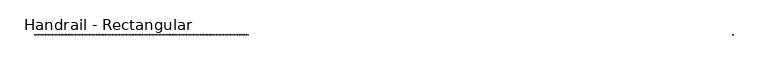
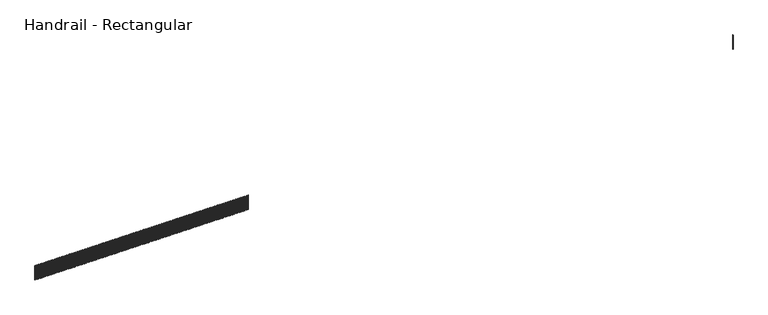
"""IFC4 building model written with IfcOpenShell, lengths in millimetres: railing geometry, Handrail - Rectangular."""

from ifc_helpers import new_model, si_unit, frame, origin, place, context, project, spatial, polyline, outline, extrude, source, transform, mapped, element, save


def handrail_rectangular_199c1d4d(model_context):
    return source(origin(), model_context, "Body", "SweptSolid", [
        extrude(outline(polyline([(1520.7691649, 4066.7725872), (1520.7691649, 4085.8225872), (1539.8191649, 4085.8225872), (1539.8191649, 4066.7725872), (1520.7691649, 4066.7725872)])), frame((0.0, 0.0, 3657.6), z_axis=(0.0, 0.0, 1.0), x_axis=(1.0, 0.0, 0.0)), (0.0, 0.0, 1.0), 863.6),
        extrude(outline(polyline([(1419.1691649, 4066.7725872), (1419.1691649, 4085.8225872), (1438.2191649, 4085.8225872), (1438.2191649, 4066.7725872), (1419.1691649, 4066.7725872)])), frame((0.0, 0.0, 3657.6), z_axis=(0.0, 0.0, 1.0), x_axis=(1.0, 0.0, 0.0)), (0.0, 0.0, 1.0), 863.6),
        extrude(outline(polyline([(1317.5691649, 4066.7725872), (1317.5691649, 4085.8225872), (1336.6191649, 4085.8225872), (1336.6191649, 4066.7725872), (1317.5691649, 4066.7725872)])), frame((0.0, 0.0, 3657.6), z_axis=(0.0, 0.0, 1.0), x_axis=(1.0, 0.0, 0.0)), (0.0, 0.0, 1.0), 863.6),
        extrude(outline(polyline([(1215.9691649, 4066.7725872), (1215.9691649, 4085.8225872), (1235.0191649, 4085.8225872), (1235.0191649, 4066.7725872), (1215.9691649, 4066.7725872)])), frame((0.0, 0.0, 3657.6), z_axis=(0.0, 0.0, 1.0), x_axis=(1.0, 0.0, 0.0)), (0.0, 0.0, 1.0), 863.6),
        extrude(outline(polyline([(1114.3691649, 4066.7725872), (1114.3691649, 4085.8225872), (1133.4191649, 4085.8225872), (1133.4191649, 4066.7725872), (1114.3691649, 4066.7725872)])), frame((0.0, 0.0, 3657.6), z_axis=(0.0, 0.0, 1.0), x_axis=(1.0, 0.0, 0.0)), (0.0, 0.0, 1.0), 863.6),
        extrude(outline(polyline([(1012.7691649, 4066.7725872), (1012.7691649, 4085.8225872), (1031.8191649, 4085.8225872), (1031.8191649, 4066.7725872), (1012.7691649, 4066.7725872)])), frame((0.0, 0.0, 3657.6), z_axis=(0.0, 0.0, 1.0), x_axis=(1.0, 0.0, 0.0)), (0.0, 0.0, 1.0), 863.6),
        extrude(outline(polyline([(911.1691649, 4066.7725872), (911.1691649, 4085.8225872), (930.2191649, 4085.8225872), (930.2191649, 4066.7725872), (911.1691649, 4066.7725872)])), frame((0.0, 0.0, 3657.6), z_axis=(0.0, 0.0, 1.0), x_axis=(1.0, 0.0, 0.0)), (0.0, 0.0, 1.0), 863.6),
        extrude(outline(polyline([(809.5691649, 4066.7725872), (809.5691649, 4085.8225872), (828.6191649, 4085.8225872), (828.6191649, 4066.7725872), (809.5691649, 4066.7725872)])), frame((0.0, 0.0, 3657.6), z_axis=(0.0, 0.0, 1.0), x_axis=(1.0, 0.0, 0.0)), (0.0, 0.0, 1.0), 863.6),
        extrude(outline(polyline([(707.9691649, 4066.7725872), (707.9691649, 4085.8225872), (727.0191649, 4085.8225872), (727.0191649, 4066.7725872), (707.9691649, 4066.7725872)])), frame((0.0, 0.0, 3657.6), z_axis=(0.0, 0.0, 1.0), x_axis=(1.0, 0.0, 0.0)), (0.0, 0.0, 1.0), 863.6),
        extrude(outline(polyline([(606.3691649, 4066.7725872), (606.3691649, 4085.8225872), (625.4191649, 4085.8225872), (625.4191649, 4066.7725872), (606.3691649, 4066.7725872)])), frame((0.0, 0.0, 3657.6), z_axis=(0.0, 0.0, 1.0), x_axis=(1.0, 0.0, 0.0)), (0.0, 0.0, 1.0), 863.6),
        extrude(outline(polyline([(504.7691649, 4066.7725872), (504.7691649, 4085.8225872), (523.8191649, 4085.8225872), (523.8191649, 4066.7725872), (504.7691649, 4066.7725872)])), frame((0.0, 0.0, 3657.6), z_axis=(0.0, 0.0, 1.0), x_axis=(1.0, 0.0, 0.0)), (0.0, 0.0, 1.0), 863.6),
        extrude(outline(polyline([(403.1691649, 4066.7725872), (403.1691649, 4085.8225872), (422.2191649, 4085.8225872), (422.2191649, 4066.7725872), (403.1691649, 4066.7725872)])), frame((0.0, 0.0, 3657.6), z_axis=(0.0, 0.0, 1.0), x_axis=(1.0, 0.0, 0.0)), (0.0, 0.0, 1.0), 863.6),
        extrude(outline(polyline([(301.5691649, 4066.7725872), (301.5691649, 4085.8225872), (320.6191649, 4085.8225872), (320.6191649, 4066.7725872), (301.5691649, 4066.7725872)])), frame((0.0, 0.0, 3657.6), z_axis=(0.0, 0.0, 1.0), x_axis=(1.0, 0.0, 0.0)), (0.0, 0.0, 1.0), 863.6),
        extrude(outline(polyline([(199.9691649, 4066.7725872), (199.9691649, 4085.8225872), (219.0191649, 4085.8225872), (219.0191649, 4066.7725872), (199.9691649, 4066.7725872)])), frame((0.0, 0.0, 3657.6), z_axis=(0.0, 0.0, 1.0), x_axis=(1.0, 0.0, 0.0)), (0.0, 0.0, 1.0), 863.6),
        extrude(outline(polyline([(98.3691649, 4066.7725872), (98.3691649, 4085.8225872), (117.4191649, 4085.8225872), (117.4191649, 4066.7725872), (98.3691649, 4066.7725872)])), frame((0.0, 0.0, 3657.6), z_axis=(0.0, 0.0, 1.0), x_axis=(1.0, 0.0, 0.0)), (0.0, 0.0, 1.0), 863.6),
        extrude(outline(polyline([(-3.2308351, 4066.7725872), (-3.2308351, 4085.8225872), (15.8191649, 4085.8225872), (15.8191649, 4066.7725872), (-3.2308351, 4066.7725872)])), frame((0.0, 0.0, 3657.6), z_axis=(0.0, 0.0, 1.0), x_axis=(1.0, 0.0, 0.0)), (0.0, 0.0, 1.0), 863.6),
        extrude(outline(polyline([(-104.8308351, 4066.7725872), (-104.8308351, 4085.8225872), (-85.7808351, 4085.8225872), (-85.7808351, 4066.7725872), (-104.8308351, 4066.7725872)])), frame((0.0, 0.0, 3657.6), z_axis=(0.0, 0.0, 1.0), x_axis=(1.0, 0.0, 0.0)), (0.0, 0.0, 1.0), 863.6),
        extrude(outline(polyline([(-206.4308351, 4066.7725872), (-206.4308351, 4085.8225872), (-187.3808351, 4085.8225872), (-187.3808351, 4066.7725872), (-206.4308351, 4066.7725872)])), frame((0.0, 0.0, 3657.6), z_axis=(0.0, 0.0, 1.0), x_axis=(1.0, 0.0, 0.0)), (0.0, 0.0, 1.0), 863.6),
        extrude(outline(polyline([(-308.0308351, 4066.7725872), (-308.0308351, 4085.8225872), (-288.9808351, 4085.8225872), (-288.9808351, 4066.7725872), (-308.0308351, 4066.7725872)])), frame((0.0, 0.0, 3657.6), z_axis=(0.0, 0.0, 1.0), x_axis=(1.0, 0.0, 0.0)), (0.0, 0.0, 1.0), 863.6),
        extrude(outline(polyline([(-409.6308351, 4066.7725872), (-409.6308351, 4085.8225872), (-390.5808351, 4085.8225872), (-390.5808351, 4066.7725872), (-409.6308351, 4066.7725872)])), frame((0.0, 0.0, 3657.6), z_axis=(0.0, 0.0, 1.0), x_axis=(1.0, 0.0, 0.0)), (0.0, 0.0, 1.0), 863.6),
        extrude(outline(polyline([(-511.2308351, 4066.7725872), (-511.2308351, 4085.8225872), (-492.1808351, 4085.8225872), (-492.1808351, 4066.7725872), (-511.2308351, 4066.7725872)])), frame((0.0, 0.0, 3657.6), z_axis=(0.0, 0.0, 1.0), x_axis=(1.0, 0.0, 0.0)), (0.0, 0.0, 1.0), 863.6),
        extrude(outline(polyline([(-612.8308351, 4066.7725872), (-612.8308351, 4085.8225872), (-593.7808351, 4085.8225872), (-593.7808351, 4066.7725872), (-612.8308351, 4066.7725872)])), frame((0.0, 0.0, 3657.6), z_axis=(0.0, 0.0, 1.0), x_axis=(1.0, 0.0, 0.0)), (0.0, 0.0, 1.0), 863.6),
        extrude(outline(polyline([(-714.4308351, 4066.7725872), (-714.4308351, 4085.8225872), (-695.3808351, 4085.8225872), (-695.3808351, 4066.7725872), (-714.4308351, 4066.7725872)])), frame((0.0, 0.0, 3657.6), z_axis=(0.0, 0.0, 1.0), x_axis=(1.0, 0.0, 0.0)), (0.0, 0.0, 1.0), 863.6),
        extrude(outline(polyline([(-816.0308351, 4066.7725872), (-816.0308351, 4085.8225872), (-796.9808351, 4085.8225872), (-796.9808351, 4066.7725872), (-816.0308351, 4066.7725872)])), frame((0.0, 0.0, 3657.6), z_axis=(0.0, 0.0, 1.0), x_axis=(1.0, 0.0, 0.0)), (0.0, 0.0, 1.0), 863.6),
        extrude(outline(polyline([(-917.6308351, 4066.7725872), (-917.6308351, 4085.8225872), (-898.5808351, 4085.8225872), (-898.5808351, 4066.7725872), (-917.6308351, 4066.7725872)])), frame((0.0, 0.0, 3657.6), z_axis=(0.0, 0.0, 1.0), x_axis=(1.0, 0.0, 0.0)), (0.0, 0.0, 1.0), 863.6),
        extrude(outline(polyline([(-1019.2308351, 4066.7725872), (-1019.2308351, 4085.8225872), (-1000.1808351, 4085.8225872), (-1000.1808351, 4066.7725872), (-1019.2308351, 4066.7725872)])), frame((0.0, 0.0, 3657.6), z_axis=(0.0, 0.0, 1.0), x_axis=(1.0, 0.0, 0.0)), (0.0, 0.0, 1.0), 863.6),
        extrude(outline(polyline([(-1120.8308351, 4066.7725872), (-1120.8308351, 4085.8225872), (-1101.7808351, 4085.8225872), (-1101.7808351, 4066.7725872), (-1120.8308351, 4066.7725872)])), frame((0.0, 0.0, 3657.6), z_axis=(0.0, 0.0, 1.0), x_axis=(1.0, 0.0, 0.0)), (0.0, 0.0, 1.0), 863.6),
        extrude(outline(polyline([(-1222.4308351, 4066.7725872), (-1222.4308351, 4085.8225872), (-1203.3808351, 4085.8225872), (-1203.3808351, 4066.7725872), (-1222.4308351, 4066.7725872)])), frame((0.0, 0.0, 3657.6), z_axis=(0.0, 0.0, 1.0), x_axis=(1.0, 0.0, 0.0)), (0.0, 0.0, 1.0), 863.6),
        extrude(outline(polyline([(-1324.0308351, 4066.7725872), (-1324.0308351, 4085.8225872), (-1304.9808351, 4085.8225872), (-1304.9808351, 4066.7725872), (-1324.0308351, 4066.7725872)])), frame((0.0, 0.0, 3657.6), z_axis=(0.0, 0.0, 1.0), x_axis=(1.0, 0.0, 0.0)), (0.0, 0.0, 1.0), 863.6),
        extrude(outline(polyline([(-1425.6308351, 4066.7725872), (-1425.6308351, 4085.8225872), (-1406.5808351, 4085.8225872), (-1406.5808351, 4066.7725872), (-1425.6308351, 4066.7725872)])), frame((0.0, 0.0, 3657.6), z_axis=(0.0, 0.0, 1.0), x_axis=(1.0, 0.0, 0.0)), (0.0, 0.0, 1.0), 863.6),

════════

Copy out every line in the listing where the word "origin" appears.

from ifc_helpers import new_model, si_unit, frame, origin, place, context, project, spatial, polyline, outline, extrude, source, transform, mapped, element, save
    return source(origin(), model_context, "Body", "SweptSolid", [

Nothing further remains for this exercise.